In a nutshell
I want to modify complex python objects at a time when each object is processed by only one process. How can I do this (most efficiently)? Will there be any help in etching help? Will it be effective?
Complete problem
I have a python ArrayDict data structure that basically consists of a numpy array and a dictionary and maps arbitrary indexes to strings in the array. In my case, all keys are integers.
a = ArrayDict() a[1234] = 12.5 a[10] = 3 print(a[1234])
Now I have several such ArrayDict and you want to fill them in myMethod(arrayDict, params) . Since myMethod expensive, I want to run it in parallel. Note that myMethod can add many lines to an ArrayDict . Each process changes its own ArrayDict . I do not need simultaneous access to ArrayDict s.
In myMethod I change the entries in the ArrayDict (i.e. change the numpy internal array), add entries to the ArrayDict (that is, add another index to the dictionary and write a new value in the internal array). In the end, I would like to be able to exchange an ArrayDict numpy internal array when it gets too small. This happens infrequently, and I can perform this action in the non-parallel part of my program if there is no better solution. My own attempts were not successful even without exchanging arrays.

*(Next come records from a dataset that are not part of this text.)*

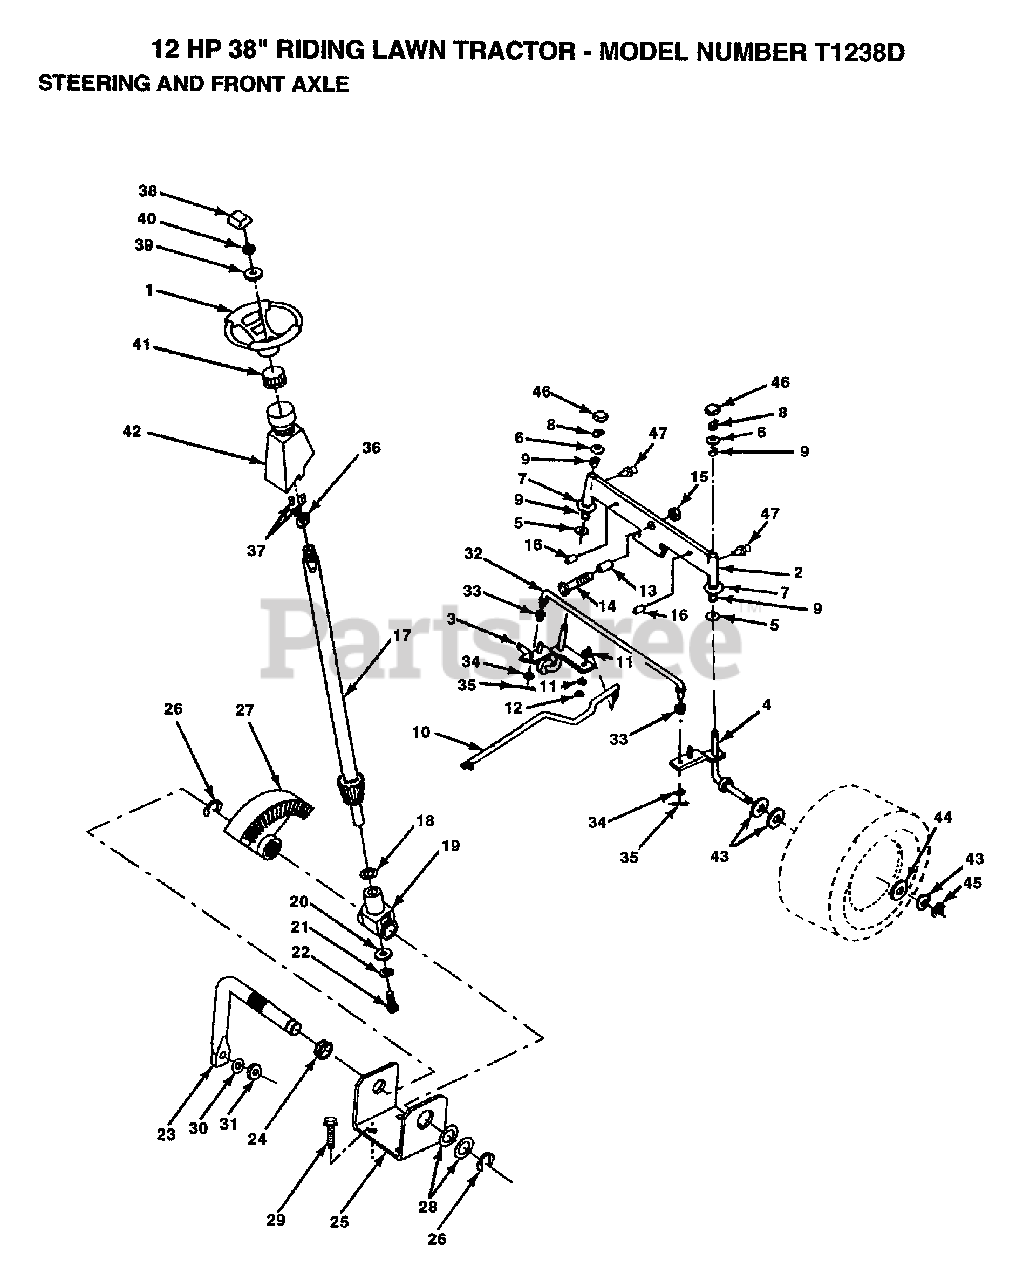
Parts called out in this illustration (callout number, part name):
3	SPINDLE LH
4	SPINDLE RH
5	WASHER .T
6	WASHER
7	WASHER
8	RING
9	COL. SRTG. BEAR.
11	LOCKWASHER
13	BEARING
14	BOLT HEX 5/8-11
16	AXLE PIN
17	SHAFT ASM
18	THRUST WASHER
19	SUPPORT.SHAFT
21	LOCKWASHER
22	"SCREW,SPECIAL"
24	NYLINER T
25	"BRKT,STEERING"
26	RING
28	WASHER .T
29	SCREW
30	LOCKWASHER
32	TIE ROD
33	BUSHING.DRAGLINK
34	WASHER
35	COTTER PIN
38	ST WHL INSERT CAP
39	WASHER T
40	GRIPCO NUT
41	ADAPTER-WHEEL LT
42	"TUBE, STR SHAFT"
43	WASHER
44	WASHER
45	RING
46	CAP
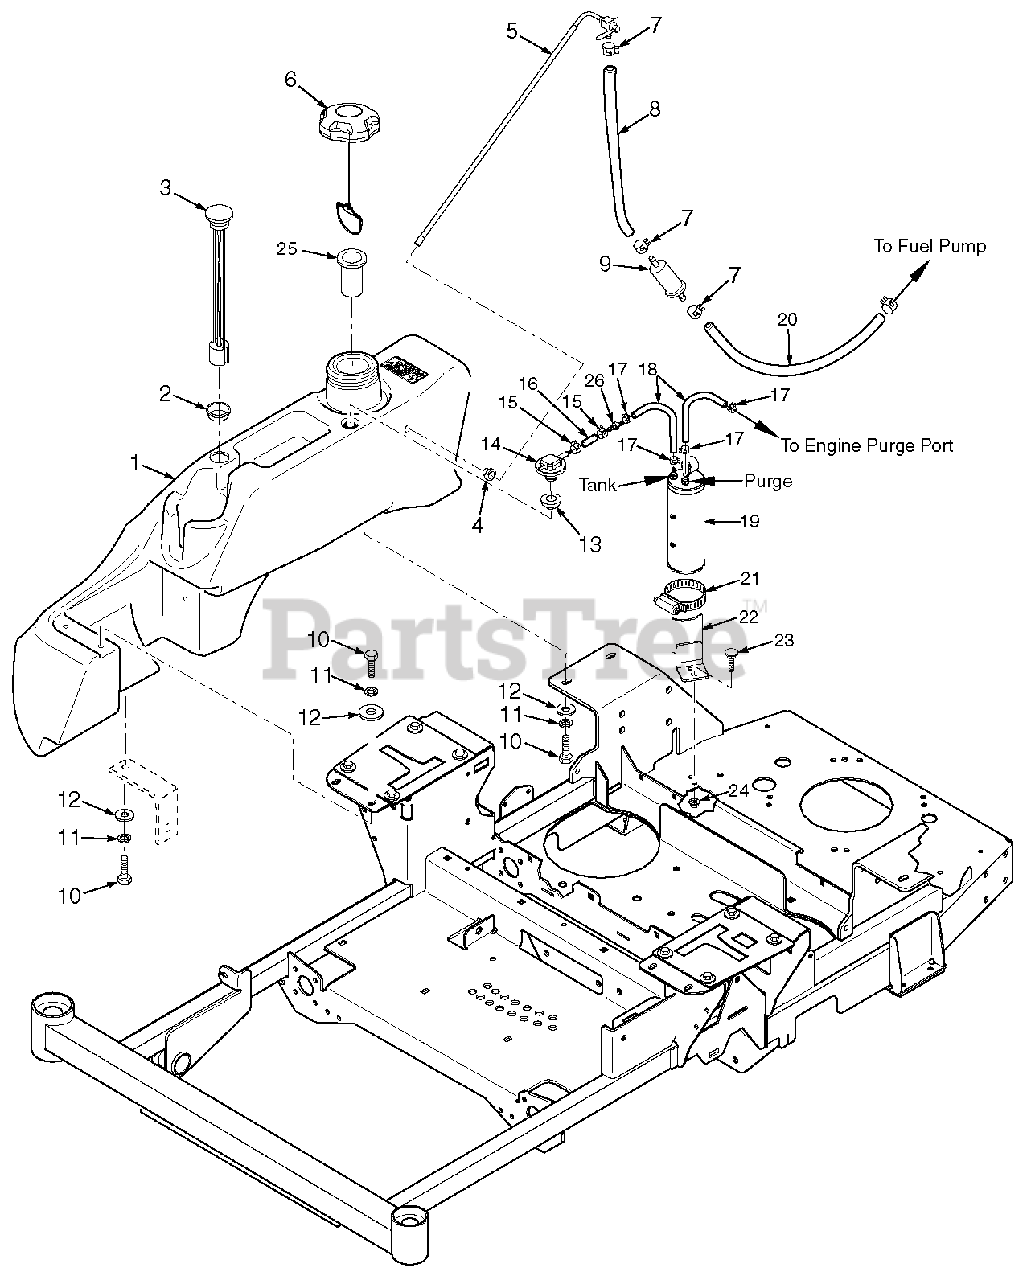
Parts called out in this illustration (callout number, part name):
1	Fuel Tank Assembly - SPZ
2	Grommet, Fuel Gauge
3	Fuel Gauge Assembly
4	Bushing, .56 Dia. Viton
5	Fuel Tube Assembly
6	Fuel Cap, Tethered
7	Clamp, Fuel Hose 1/4"
8	Fuel Hose, 1/4" Non-Perm (order by inch)
9	Fuel Filter
10	Bolt, Hex Head 5/16-18 x 3/4"
11	Lockwasher, 5/16" Spring
12	Flatwasher, 5/16-.375 x .875 x .083
13	Grommet, Viton
14	Remote Vent
15	Clamp, Fuel Hose 7/32"
16	Hose, 1/4" Vapor Recovery (order by inch)
17	Clamp, Vapor Recovery Hose
18	Hose, 3/16" (order by inch)
19	Carbon Canister
20	Fuel Hose
21	Clamp, Hose
22	Bracket Weldment, SFZ
23	Bolt, Carriage 5/16-18 x 3/4"
24	Nut, Serrated Flange 5/16-18
25	Tube, Fuel Tank Insert
26	Mender, 1/4 x 3/16 w/0.02 Hole
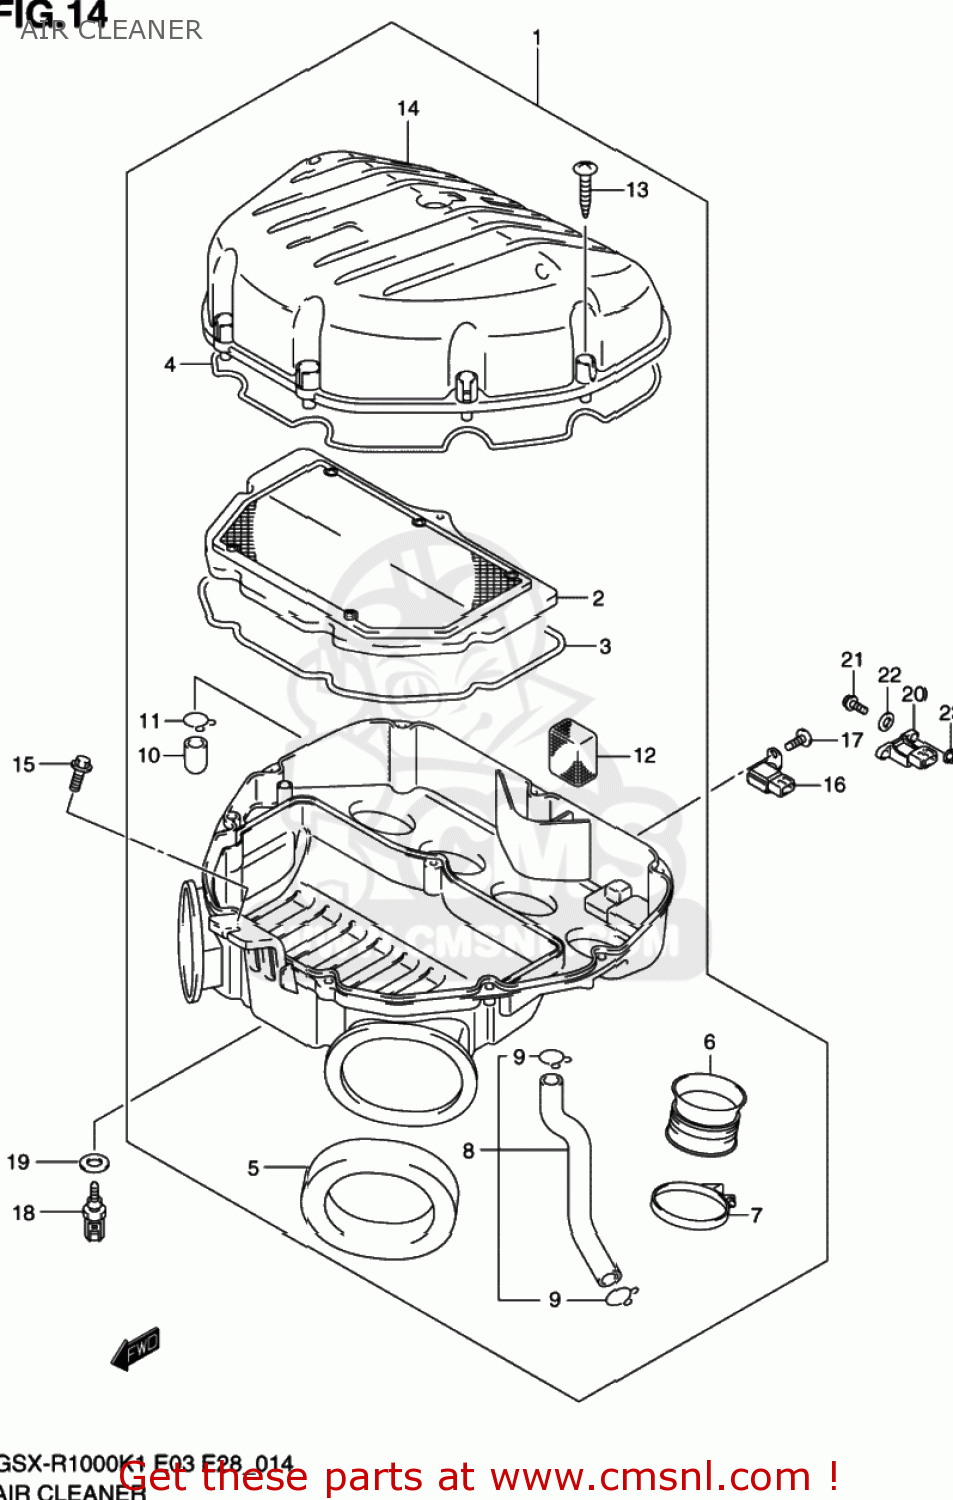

I spent several days studying shared memory and python multiprocessing . Since I will finally be working on linux, the task seemed pretty simple: the fork() system call allows you to work effectively with copies of the arguments. My thought was to modify each ArrayDict in its own process, return a modified version of the object, and overwrite the original object. To save memory and save work for copying, I used additional sharedmem arrays to store data in ArrayDict . I know that the dictionary should still be copied.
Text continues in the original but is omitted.